● **Task description**
Pull out every line with the word "units" from the entries below.

Collected data:
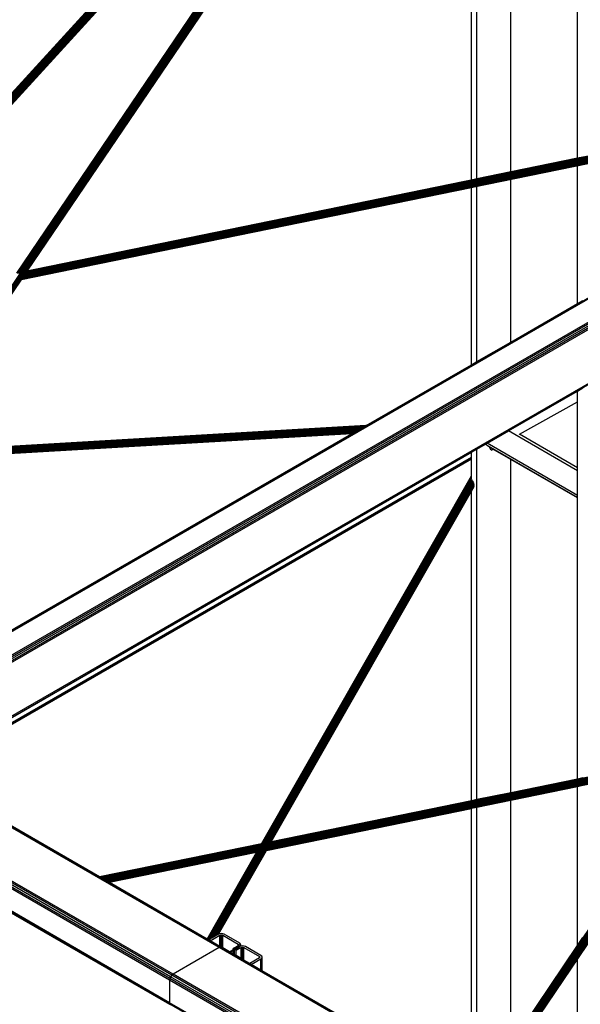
# Model space of a CAD drawing. Header units: millimetres. Extents: x 10 to 1250, y -62 to 528.
# Tile 547 of 656: x 599.705 to 600.601, y 511.943 to 513.518. Entities that reach past the tile are written whole.
import ezdxf

# ---------------------------------------------------------------- set-up
doc = ezdxf.new("R2010")
doc.units = ezdxf.units.MM
doc.header["$LTSCALE"] = 0.05

msp = doc.modelspace()

# ---------------------------------------------------------------- linework, layer by layer
at = {"color": 8}
for p, q in [((599.7005, 513.1124), (600.4556, 514.2278)), ((599.7008, 513.1124), (600.456, 514.2281)), ((599.7011, 513.1125), (600.4564, 514.2283)), ((599.7016, 513.1126), (600.4569, 514.2284)), ((599.7021, 513.1126), (600.4574, 514.2283)), ((599.7026, 513.1125), (600.4579, 514.2283)), ((599.7032, 513.1123), (600.4585, 514.2281)), ((599.7038, 513.1121), (600.459, 514.2278)), ((599.7043, 513.1117), (600.4596, 514.2275)), ((599.7055, 513.1121), (600.4602, 514.2271)), ((599.7069, 513.1129), (600.4608, 514.2266)), ((599.7082, 513.1135), (600.4613, 514.226)), ((599.7094, 513.114), (600.4618, 514.2254)), ((599.7106, 513.1144), (600.4623, 514.2248)), ((599.7117, 513.1147), (600.4627, 514.2241)), ((599.7126, 513.1149), (600.4631, 514.2234)), ((599.7135, 513.1151), (600.4634, 514.2227)), ((599.7144, 513.1152), (600.4636, 514.222)), ((599.7151, 513.1154), (600.4638, 514.2213)), ((599.7158, 513.1155), (600.4639, 514.2207)), ((599.7163, 513.1156), (600.4639, 514.22)), ((599.7167, 513.1157), (600.4639, 514.2194)), ((599.717, 513.1158), (600.4638, 514.2189)), ((599.3675, 513.0441), (600.4273, 514.206)), ((599.3677, 513.0441), (600.4273, 514.2058)), ((599.3681, 513.0442), (600.4273, 514.2054)), ((599.3686, 513.0443), (600.4273, 514.205)), ((599.3693, 513.0445), (600.4273, 514.2044)), ((599.37, 513.0446), (600.4273, 514.2037)), ((599.3709, 513.0448), (600.4273, 514.2029)), ((599.3719, 513.045), (600.4276, 514.2023)), ((599.373, 513.0452), (600.4281, 514.2019)), ((599.3742, 513.0455), (600.4286, 514.2015)), ((599.3754, 513.0457), (600.4291, 514.2009)), ((599.3766, 513.046), (600.4296, 514.2003)), ((599.3779, 513.0462), (600.43, 514.1997)), ((599.3791, 513.0465), (600.4304, 514.199)), ((599.3804, 513.0467), (600.4307, 514.1983)), ((599.3815, 513.047), (600.431, 514.1975)), ((599.3826, 513.0472), (600.4313, 514.1968)), ((599.3837, 513.0474), (600.4314, 514.1961)), ((599.3846, 513.0476), (600.4315, 514.1953)), ((599.3854, 513.0478), (600.4316, 514.1947)), ((599.3861, 513.0479), (600.4315, 514.194)), ((599.3867, 513.048), (600.4314, 514.1934)), ((599.3871, 513.0481), (600.4313, 514.1929)), ((599.3873, 513.0482), (600.431, 514.1924)), ((599.3874, 513.0482), (600.4273, 514.1882)), ((599.7004, 513.1124), (600.4273, 514.1861)), ((600.436, 513.2632), (600.436, 514.1775)), ((599.7172, 513.1158), (600.4273, 514.1648)), ((599.7173, 513.1158), (600.4273, 514.1648)), ((600.4273, 513.2614), (600.4273, 514.1648)), ((600.4901, 513.2743), (600.4901, 514.1145)), ((600.5969, 513.2962), (600.5969, 513.9069)), ((599.4212, 512.3845), (601.5506, 513.6139)), ((599.4228, 512.3836), (601.5525, 513.6132)), ((599.4549, 512.3651), (601.5846, 513.5947)), ((599.4572, 512.3637), (601.5866, 513.5931)), ((599.46, 512.3621), (601.5883, 513.5908)), ((599.4628, 512.3605), (601.5894, 513.5883)), ((599.4652, 512.3591), (601.5898, 513.5857)), ((599.5397, 512.3161), (601.5476, 513.4753)), ((599.5413, 512.3152), (601.547, 513.4731)), ((601.2169, 513.4219), (599.7043, 513.1117)), ((601.2155, 513.4211), (599.7049, 513.1113)), ((601.2138, 513.4201), (599.7055, 513.1108)), ((601.2181, 513.4226), (599.7061, 513.1125)), ((601.2192, 513.4232), (599.7074, 513.1132)), ((601.2199, 513.4237), (599.7087, 513.1138)), ((601.2205, 513.424), (599.71, 513.1142)), ((601.2121, 513.4191), (599.706, 513.1103)), ((601.2102, 513.418), (599.7065, 513.1097)), ((601.2082, 513.4169), (599.707, 513.109)), ((601.2062, 513.4157), (599.7074, 513.1084)), ((601.1882, 513.4053), (599.7077, 513.1017)), ((601.2041, 513.4145), (599.7078, 513.1077)), ((601.1886, 513.4056), (599.7079, 513.1019)), ((601.2021, 513.4133), (599.7081, 513.107)), ((601.1894, 513.406), (599.7081, 513.1022)), ((601.2, 513.4122), (599.7083, 513.1063)), ((601.1904, 513.4066), (599.7083, 513.1027)), ((601.1981, 513.4111), (599.7085, 513.1056)), ((601.1915, 513.4073), (599.7085, 513.1031)), ((601.1962, 513.41), (599.7086, 513.1049)), ((599.7086, 513.1043), (601.1945, 513.409)), ((601.1929, 513.4081), (599.7086, 513.1037)), ((600.5969, 513.2962), (600.4901, 513.2743)), ((600.6055, 513.298), (600.5969, 513.2962)), ((600.5969, 513.284), (600.4901, 513.2621)), ((600.6055, 513.2857), (600.5969, 513.284)), ((600.5969, 513.0639), (600.5969, 513.284)), ((600.436, 513.2632), (600.4273, 513.2614)), ((600.4901, 513.2743), (600.436, 513.2632)), ((600.4273, 513.2492), (599.7076, 513.1016)), ((600.4273, 513.2614), (599.7173, 513.1158)), ((600.436, 513.251), (600.4273, 513.2492)), ((600.4273, 512.966), (600.4273, 513.2492)), ((600.4901, 513.2621), (600.436, 513.251)), ((600.436, 512.971), (600.436, 513.251)), ((600.4901, 513.0023), (600.4901, 513.2621)), ((599.2721, 512.4706), (599.7055, 513.1108)), ((599.2727, 512.4702), (599.706, 513.1103)), ((599.2734, 512.4698), (599.7065, 513.1097)), ((599.274, 512.4695), (599.707, 513.109)), ((599.2747, 512.4691), (599.7074, 513.1084)), ((599.2753, 512.4688), (599.7078, 513.1077)), ((599.2758, 512.4684), (599.7081, 513.107)), ((599.2763, 512.4681), (599.7083, 513.1063)), ((599.2768, 512.4679), (599.7085, 513.1056)), ((599.2772, 512.4676), (599.7086, 513.1049)), ((599.7117, 513.1147), (599.7111, 513.1146)), ((599.7121, 513.1148), (599.7117, 513.1147)), ((599.7126, 513.1149), (599.7121, 513.1148)), ((599.7135, 513.1151), (599.7126, 513.1149)), ((599.7144, 513.1152), (599.7135, 513.1151)), ((599.7151, 513.1154), (599.7144, 513.1152)), ((599.7158, 513.1155), (599.7151, 513.1154)), ((599.7163, 513.1156), (599.7158, 513.1155)), ((599.7167, 513.1157), (599.7163, 513.1156)), ((599.717, 513.1158), (599.7167, 513.1157)), ((599.7172, 513.1158), (599.717, 513.1158)), ((599.7173, 513.1158), (599.7172, 513.1158)), ((599.2775, 512.4674), (599.7086, 513.1043)), ((599.2778, 512.4673), (599.7086, 513.1037)), ((599.278, 512.4672), (599.7085, 513.1031)), ((599.5209, 512.8257), (599.7076, 513.1016)), ((599.7076, 513.1016), (599.7077, 513.1017)), ((599.7077, 513.1017), (599.7079, 513.1019)), ((599.7079, 513.1019), (599.7081, 513.1022)), ((599.7081, 513.1022), (599.7083, 513.1027)), ((600.4901, 513.0023), (600.5969, 513.0639)), ((600.5969, 513.0639), (600.6055, 513.0689)), ((600.436, 512.971), (600.4901, 513.0023)), ((600.2589, 512.8688), (600.4273, 512.966)), ((600.4273, 512.966), (600.436, 512.971)), ((600.4899, 512.8622), (600.5969, 512.9239)), ((600.5969, 512.9239), (600.6055, 512.9289)), ((600.5969, 512.9067), (600.5969, 512.9239)), ((600.504, 512.8547), (600.5969, 512.9067)), ((600.5969, 512.8011), (600.5969, 512.9067)), ((600.2585, 512.8686), (599.5207, 512.8255)), ((600.2588, 512.8687), (599.5208, 512.8256)), ((600.2589, 512.8688), (599.5209, 512.8257)), ((600.258, 512.8683), (600.2585, 512.8686)), ((600.2585, 512.8686), (600.2588, 512.8687)), ((600.2588, 512.8687), (600.2589, 512.8688)), ((599.4206, 512.3848), (600.2357, 512.8554)), ((600.2357, 512.8554), (599.5124, 512.8132)), ((600.2357, 512.8554), (599.5124, 512.8132)), ((600.236, 512.8556), (599.5125, 512.8134)), ((600.2364, 512.8558), (599.5127, 512.8136)), ((600.237, 512.8562), (599.5129, 512.8139)), ((600.2378, 512.8566), (599.5131, 512.8143)), ((600.2387, 512.8571), (599.5135, 512.8148)), ((600.2397, 512.8577), (599.5139, 512.8153)), ((600.2409, 512.8584), (599.5143, 512.816)), ((599.5147, 512.8166), (600.2421, 512.8591)), ((600.2435, 512.8599), (599.5152, 512.8174)), ((600.2449, 512.8607), (599.5157, 512.8181)), ((600.2463, 512.8615), (599.5163, 512.8189)), ((600.2478, 512.8624), (599.5168, 512.8197)), ((600.2492, 512.8632), (599.5173, 512.8205)), ((600.2506, 512.864), (599.5178, 512.8212)), ((600.252, 512.8648), (599.5183, 512.822)), ((600.2533, 512.8656), (599.5188, 512.8227)), ((600.2545, 512.8663), (599.5193, 512.8233)), ((600.2556, 512.8669), (599.5196, 512.8239)), ((600.2565, 512.8674), (599.52, 512.8244)), ((600.2573, 512.8679), (599.5203, 512.8249)), ((600.258, 512.8683), (599.5205, 512.8252)), ((600.2357, 512.8554), (600.236, 512.8556)), ((600.236, 512.8556), (600.2364, 512.8558)), ((600.2364, 512.8558), (600.237, 512.8562)), ((600.237, 512.8562), (600.2378, 512.8566)), ((600.2378, 512.8566), (600.2387, 512.8571)), ((600.2387, 512.8571), (600.2397, 512.8577)), ((600.2397, 512.8577), (600.2409, 512.8584)), ((600.2409, 512.8584), (600.2421, 512.8591)), ((600.2421, 512.8591), (600.2435, 512.8599)), ((600.2435, 512.8599), (600.2449, 512.8607)), ((600.2449, 512.8607), (600.2463, 512.8615)), ((600.2463, 512.8615), (600.2478, 512.8624)), ((600.2478, 512.8624), (600.2492, 512.8632)), ((600.2492, 512.8632), (600.2506, 512.864)), ((600.2506, 512.864), (600.252, 512.8648)), ((600.252, 512.8648), (600.2533, 512.8656)), ((600.2533, 512.8656), (600.2545, 512.8663)), ((600.2545, 512.8663), (600.2556, 512.8669)), ((600.2556, 512.8669), (600.2565, 512.8674)), ((600.2565, 512.8674), (600.2573, 512.8679)), ((600.2573, 512.8679), (600.258, 512.8683)), ((600.4521, 512.8404), (600.4865, 512.8602)), ((600.4865, 512.8602), (600.4899, 512.8622)), ((600.5969, 512.7965), (600.4865, 512.8602)), ((600.5034, 512.8544), (600.504, 512.8547)), ((600.5969, 512.8011), (600.504, 512.8547)), ((600.436, 512.831), (600.4507, 512.8396)), ((600.4507, 512.8396), (600.4521, 512.8404)), ((600.5969, 512.7539), (600.451, 512.8381)), ((600.5969, 512.7568), (600.4521, 512.8404)), ((599.5419, 512.3148), (600.4273, 512.8261)), ((600.4273, 512.8261), (600.436, 512.831)), ((600.4273, 512.8181), (600.4273, 512.8261)), ((600.436, 512.2704), (600.436, 512.831)), ((600.4561, 512.8342), (600.4528, 512.8361)), ((600.4588, 512.8294), (600.4561, 512.8342)), ((600.4616, 512.831), (600.4561, 512.8342)), ((600.4588, 512.8294), (600.4616, 512.831)), ((600.4901, 512.8146), (600.4616, 512.831)), ((599.5488, 512.3109), (600.4273, 512.8181)), ((599.5505, 512.3098), (600.4273, 512.8161)), ((599.5511, 512.3095), (600.4273, 512.8154)), ((600.4273, 512.8161), (600.4273, 512.8181)), ((600.4273, 512.8154), (600.4273, 512.8161)), ((600.4273, 512.7884), (600.4273, 512.8154)), ((600.4901, 512.2815), (600.4901, 512.8146)), ((600.5969, 512.7529), (600.4901, 512.8146)), ((600.5969, 512.7965), (600.5969, 512.8011)), ((600.5969, 512.7568), (600.5969, 512.7965)), ((600.0917, 512.1998), (600.4273, 512.7884)), ((600.0917, 512.1999), (600.4273, 512.7883)), ((600.0919, 512.1999), (600.4273, 512.788)), ((600.0923, 512.2), (600.4273, 512.7875)), ((600.0927, 512.2001), (600.4273, 512.7868)), ((600.0932, 512.2002), (600.4273, 512.786)), ((600.0939, 512.2003), (600.4273, 512.785)), ((600.0946, 512.2004), (600.4273, 512.7839)), ((600.0954, 512.2006), (600.4276, 512.7831)), ((600.0963, 512.2008), (600.4281, 512.7827)), ((600.0972, 512.201), (600.4286, 512.7822)), ((600.0981, 512.2012), (600.4291, 512.7816)), ((600.0991, 512.2014), (600.4296, 512.7809)), ((600.1001, 512.2016), (600.43, 512.7801)), ((600.1011, 512.2018), (600.4304, 512.7793)), ((600.102, 512.202), (600.4307, 512.7784)), ((600.1029, 512.2022), (600.431, 512.7775)), ((600.1038, 512.2023), (600.4313, 512.7766)), ((600.1046, 512.2025), (600.4314, 512.7756)), ((600.1053, 512.2026), (600.4315, 512.7747)), ((600.4273, 512.7883), (600.4273, 512.7884)), ((600.4273, 512.788), (600.4273, 512.7883)), ((600.4273, 512.7875), (600.4273, 512.788)), ((600.4273, 512.7868), (600.4273, 512.7875)), ((600.4273, 512.786), (600.4273, 512.7868)), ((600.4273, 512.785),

● **Written answer**
# Model space of a CAD drawing. Header units: millimetres. Extents: x 10 to 1250, y -62 to 528.
doc.units = ezdxf.units.MM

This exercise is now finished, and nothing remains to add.